The gender pay gap is well-documented and ubiquitous, with women still earning around just a fraction of what men do for comparable work. But there's a gender gap in health care as well, and according to a new study, it's resulted in over 8,200 women in the United Kingdom dying from heart attacks because they didn't receive the same level of medical care as their male counterparts.

"Currently, a woman who suffers a heart attack has a higher risk of dying than if she were male," Dr. Zachary Whinnett, a cardiologist at Imperial College London, told CNN. "This study found that differences in treatment may be contributing to this increased risk."

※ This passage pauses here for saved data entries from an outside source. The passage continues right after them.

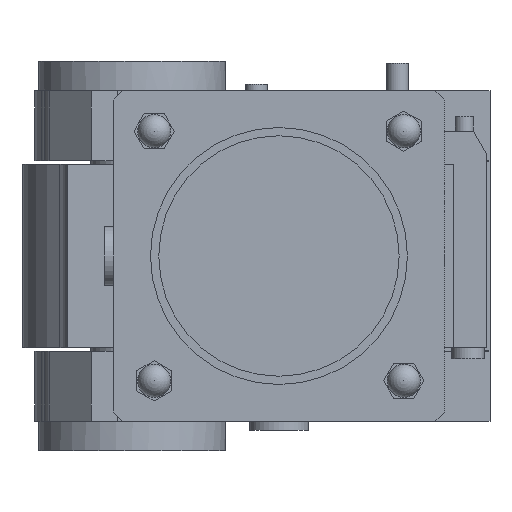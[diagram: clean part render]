
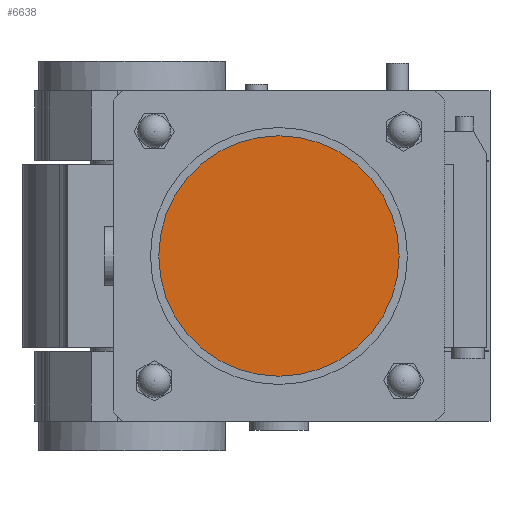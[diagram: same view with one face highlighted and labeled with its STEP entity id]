
A CAD part, front view. The second image highlights one B-rep face of the part: STEP entity #6638.
In plain terms, the highlighted planar face has unit normal (0, -1, 0).
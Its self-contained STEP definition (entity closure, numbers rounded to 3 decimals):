
#1524=PLANE('',#7335);
#2034=FACE_OUTER_BOUND('',#2536,.T.);
#2536=EDGE_LOOP('',(#5330));
#2877=CIRCLE('',#7246,65.5);
#3221=VERTEX_POINT('',#10231);
#3913=EDGE_CURVE('',#3221,#3221,#2877,.T.);
#5330=ORIENTED_EDGE('',*,*,#3913,.T.);
#6638=ADVANCED_FACE('',(#2034),#1524,.T.);
#7246=AXIS2_PLACEMENT_3D('',#10232,#8278,#8279);
#7335=AXIS2_PLACEMENT_3D('',#10544,#8576,#8577);
#8278=DIRECTION('center_axis',(0.,-1.,0.));
#8279=DIRECTION('ref_axis',(0.,0.,-1.));
#8576=DIRECTION('center_axis',(0.,-1.,0.));
#8577=DIRECTION('ref_axis',(0.,0.,-1.));
#10231=CARTESIAN_POINT('',(80.,-622.,65.5));
#10232=CARTESIAN_POINT('Origin',(80.,-622.,0.));
#10544=CARTESIAN_POINT('Origin',(80.,-622.,0.));

The research was carried out by scientists at the University of Leeds and published in the journal Heart. It found that women were more than twice as likely as men to die within 30 days of suffering a heart attack: 5.3 percent of women who had heart attacks died within a month after being diagnosed, compared with just 2.3 percent of men, according to the study.

The study's authors estimated that between 2003 and 2013, 8,243 U.K. women died from heart attacks that wouldn't have killed them if they'd received the same quality of care as men. They noted that the true number is probably higher, as the study only looked at a portion of heart attack cases.

Chris Gales, professor of cardiovascular medicine at the University of Leeds and the report's senior author, told CNN that there's a "false perception that heart attacks are only a male health issues," and cited this as one reason women often don't receive adequate care after suffering heart attacks.

For instance, Gales said, women often don't receive coronary angiographies in a timely manner after being admitted to the hospital for heart attacks. According to his study, women who suffered non-ST-elevation myocardial infarction — a specific type of heart attack — were 34 percent less likely than men to receive coronary angiographies within 72 hours of their admittance to a hospital. Similarly, women who suffered ST-elevation myocardial infarctions — a variety of heart attack in which the coronary artery is completely blocked — were less likely than men to be receive timely reperfusion or stent procedures, or be prescribed beta blockers or statins.

The researchers did note that women who were admitted for heart attacks tended to be older and have more risk factors than men when they entered the hospital. However, the scientists controlled for these factors when carrying out the study, suggesting that inadequate medical care — and not pre-existing risk factors — was responsible for the disparity in men and women's death rates.

"We know women are dying due to unequal heart attack care — and now we've identified the shortfalls we need to target to save lives," Gales told CNN.

The study was funded, in part, by the British Heart Foundation. A 2016 study funded by the BHF concluded that concluded that women in the U.K. are 50 percent more likely than men to receive the wrong diagnoses after having a heart attack — a disparity that, Gales noted at the time, could lead to an "increased risk of death" for women who have heart attacks.